__Exercise goal__:
Below is a listing; write it out exactly and drop any images from it.

+++

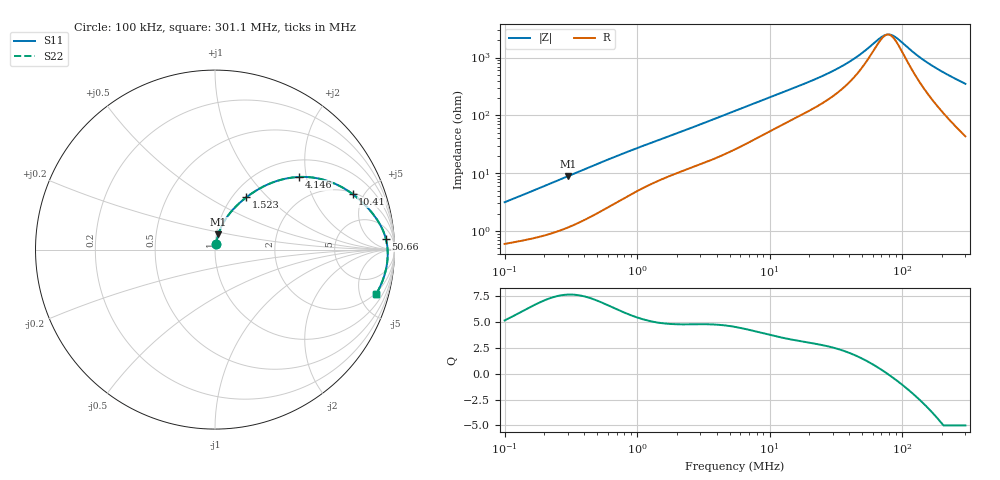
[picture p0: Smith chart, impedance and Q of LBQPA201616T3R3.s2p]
! LBQPA201616T3R3  S-PARAMETER MODEL  ( General Type )
! Model Generated by TAIYO YUDEN Corporation (http://www.ty-top.com)
! Version 1.0
! TAIYO YUDEN Control No. 191025NI43SB-FBB
! Copyright(c) 2019 TAIYO YUDEN CO.,LTD. All Rights Reserved.
! Product Description (link to TY-COMPAS)
! https://ds.yuden.co.jp/TYCOMPAS/or/detail?pn=LBQPA201616T3R3M&u=M
! Products Name : Inductors
! Characteristics :
!  Inductance : 3.3 uH , SRF(min) : 55 MHz , DC Resistance(max) : 0.351 Ohm
!  Rated Current : Saturation :600 mA , Temp Rise : 535 mA (20 degC)
!  Case Size : 2.0 x 1.6 / 0.079 x 0.063 [mm/inch] , Thickness : 1.6 / 0.063 [mm/inch]
!  (Conditions: Temperature = 25 degC , DC Bias Current/Voltage = 0A / 0V)
! External Node Assignments :
!  1  o---GGG---o  2
! GND o---------o GND
! Frequency Range : 0.1MHz  -  301.082333MHz  [ 402 STEP ]
# MHz S RI R 50
! Freq[MHz].  S11 Real  S11 Imag  S21 Real  S21 Imag  S12 Real  S12 Imag  S22 Real  S22 Imag
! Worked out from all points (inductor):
!   401 points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, 100 kHz to 301.1 MHz, reference 50 ohm
!   read as one part in series: L = 4.83 uH near 104.1 kHz
!   highest Q = 7.67 at 300.8 kHz (marker M1), where L = 4.66 uH
!   self-resonance near 77.77 MHz
!   S11 on the Smith chart (normalised r, x): 100 kHz: 1.01, +0.06; 1.523 MHz: 1.16, +0.76; 4.146 MHz: 1.38, +1.82; 10.41 MHz: 2.11, +4.12; 50.66 MHz: 15, +20; 301.1 MHz: 1.87, -6.98
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0.1  0.00687 0.0305  0.9931 -0.0305  0.9931 -0.0305  0.00687 0.0305
0.300829  0.0188 0.0855  0.9812 -0.0855  0.9812 -0.0855  0.0188 0.0855
0.382543  0.0261 0.1065  0.9739 -0.1065  0.9739 -0.1065  0.0261 0.1065
0.771018  0.0732 0.1903  0.9268 -0.1903  0.9268 -0.1903  0.0732 0.1903
1.463388  0.1676 0.2858  0.8324 -0.2858  0.8324 -0.2858  0.1676 0.2858
1.523186  0.1755 0.292  0.8245 -0.292  0.8245 -0.292  0.1755 0.292
2.463055  0.2932 0.3627  0.7068 -0.3627  0.7068 -0.3627  0.2932 0.3627
4.145612  0.4706 0.4048  0.5294 -0.4048  0.5294 -0.4048  0.4706 0.4048
5.487097  0.5747 0.3965  0.4253 -0.3965  0.4253 -0.3965  0.5747 0.3965
7.559447  0.6817 0.3608  0.3183 -0.3608  0.3183 -0.3608  0.6817 0.3608
10.41448  0.7663 0.3097  0.2337 -0.3097  0.2337 -0.3097  0.7663 0.3097
20.99048  0.8841 0.1932  0.1159 -0.1932  0.1159 -0.1932  0.8841 0.1932
34.62902  0.9316 0.1163  0.0684 -0.1163  0.0684 -0.1163  0.9316 0.1163
50.66147  0.9518 0.0607  0.0482 -0.0607  0.0482 -0.0607  0.9518 0.0607
69.79514  0.9603 0.0153  0.0397 -0.0153  0.0397 -0.0153  0.9603 0.0153
75.61571  0.9614 0.00399  0.0386 -0.00399  0.0386 -0.00399  0.9614 0.00399
80.29753  0.9619 -0.00456  0.0381 0.00456  0.0381 0.00456  0.9619 -0.00456
90.54875  0.9624 -0.0219  0.0376 0.0219  0.0376 0.0219  0.9624 -0.0219
127.2702  0.959 -0.0737  0.041 0.0737  0.041 0.0737  0.959 -0.0737
165.114  0.9508 -0.1181  0.0492 0.1181  0.0492 0.1181  0.9508 -0.1181
222.9639  0.9324 -0.1769  0.0676 0.1769  0.0676 0.1769  0.9324 -0.1769
301.0823  0.8993 -0.2451  0.1007 0.2451  0.1007 0.2451  0.8993 -0.2451

+++

__Task output__:
[picture p0: Smith chart, impedance and Q of LBQPA201616T3R3.s2p]
! LBQPA201616T3R3  S-PARAMETER MODEL  ( General Type )
! Model Generated by TAIYO YUDEN Corporation (http://www.ty-top.com)
! Version 1.0
! TAIYO YUDEN Control No. 191025NI43SB-FBB
! Copyright(c) 2019 TAIYO YUDEN CO.,LTD. All Rights Reserved.
! Product Description (link to TY-COMPAS)
! https://ds.yuden.co.jp/TYCOMPAS/or/detail?pn=LBQPA201616T3R3M&u=M
! Products Name : Inductors
! Characteristics :
!  Inductance : 3.3 uH , SRF(min) : 55 MHz , DC Resistance(max) : 0.351 Ohm
!  Rated Current : Saturation :600 mA , Temp Rise : 535 mA (20 degC)
!  Case Size : 2.0 x 1.6 / 0.079 x 0.063 [mm/inch] , Thickness : 1.6 / 0.063 [mm/inch]
!  (Conditions: Temperature = 25 degC , DC Bias Current/Voltage = 0A / 0V)
! External Node Assignments :
!  1  o---GGG---o  2
! GND o---------o GND
! Frequency Range : 0.1MHz  -  301.082333MHz  [ 402 STEP ]
# MHz S RI R 50
! Freq[MHz].  S11 Real  S11 Imag  S21 Real  S21 Imag  S12 Real  S12 Imag  S22 Real  S22 Imag
! Worked out from all points (inductor):
!   401 points, 100 kHz to 301.1 MHz, reference 50 ohm
!   read as one part in series: L = 4.83 uH near 104.1 kHz
!   highest Q = 7.67 at 300.8 kHz (marker M1), where L = 4.66 uH
!   self-resonance near 77.77 MHz
!   S11 on the Smith chart (normalised r, x): 100 kHz: 1.01, +0.06; 1.523 MHz: 1.16, +0.76; 4.146 MHz: 1.38, +1.82; 10.41 MHz: 2.11, +4.12; 50.66 MHz: 15, +20; 301.1 MHz: 1.87, -6.98
0.1  0.00687 0.0305  0.9931 -0.0305  0.9931 -0.0305  0.00687 0.0305
0.300829  0.0188 0.0855  0.9812 -0.0855  0.9812 -0.0855  0.0188 0.0855
0.382543  0.0261 0.1065  0.9739 -0.1065  0.9739 -0.1065  0.0261 0.1065
0.771018  0.0732 0.1903  0.9268 -0.1903  0.9268 -0.1903  0.0732 0.1903
1.463388  0.1676 0.2858  0.8324 -0.2858  0.8324 -0.2858  0.1676 0.2858
1.523186  0.1755 0.292  0.8245 -0.292  0.8245 -0.292  0.1755 0.292
2.463055  0.2932 0.3627  0.7068 -0.3627  0.7068 -0.3627  0.2932 0.3627
4.145612  0.4706 0.4048  0.5294 -0.4048  0.5294 -0.4048  0.4706 0.4048
5.487097  0.5747 0.3965  0.4253 -0.3965  0.4253 -0.3965  0.5747 0.3965
7.559447  0.6817 0.3608  0.3183 -0.3608  0.3183 -0.3608  0.6817 0.3608
10.41448  0.7663 0.3097  0.2337 -0.3097  0.2337 -0.3097  0.7663 0.3097
20.99048  0.8841 0.1932  0.1159 -0.1932  0.1159 -0.1932  0.8841 0.1932
34.62902  0.9316 0.1163  0.0684 -0.1163  0.0684 -0.1163  0.9316 0.1163
50.66147  0.9518 0.0607  0.0482 -0.0607  0.0482 -0.0607  0.9518 0.0607
69.79514  0.9603 0.0153  0.0397 -0.0153  0.0397 -0.0153  0.9603 0.0153
75.61571  0.9614 0.00399  0.0386 -0.00399  0.0386 -0.00399  0.9614 0.00399
80.29753  0.9619 -0.00456  0.0381 0.00456  0.0381 0.00456  0.9619 -0.00456
90.54875  0.9624 -0.0219  0.0376 0.0219  0.0376 0.0219  0.9624 -0.0219
127.2702  0.959 -0.0737  0.041 0.0737  0.041 0.0737  0.959 -0.0737
165.114  0.9508 -0.1181  0.0492 0.1181  0.0492 0.1181  0.9508 -0.1181
222.9639  0.9324 -0.1769  0.0676 0.1769  0.0676 0.1769  0.9324 -0.1769
301.0823  0.8993 -0.2451  0.1007 0.2451  0.1007 0.2451  0.8993 -0.2451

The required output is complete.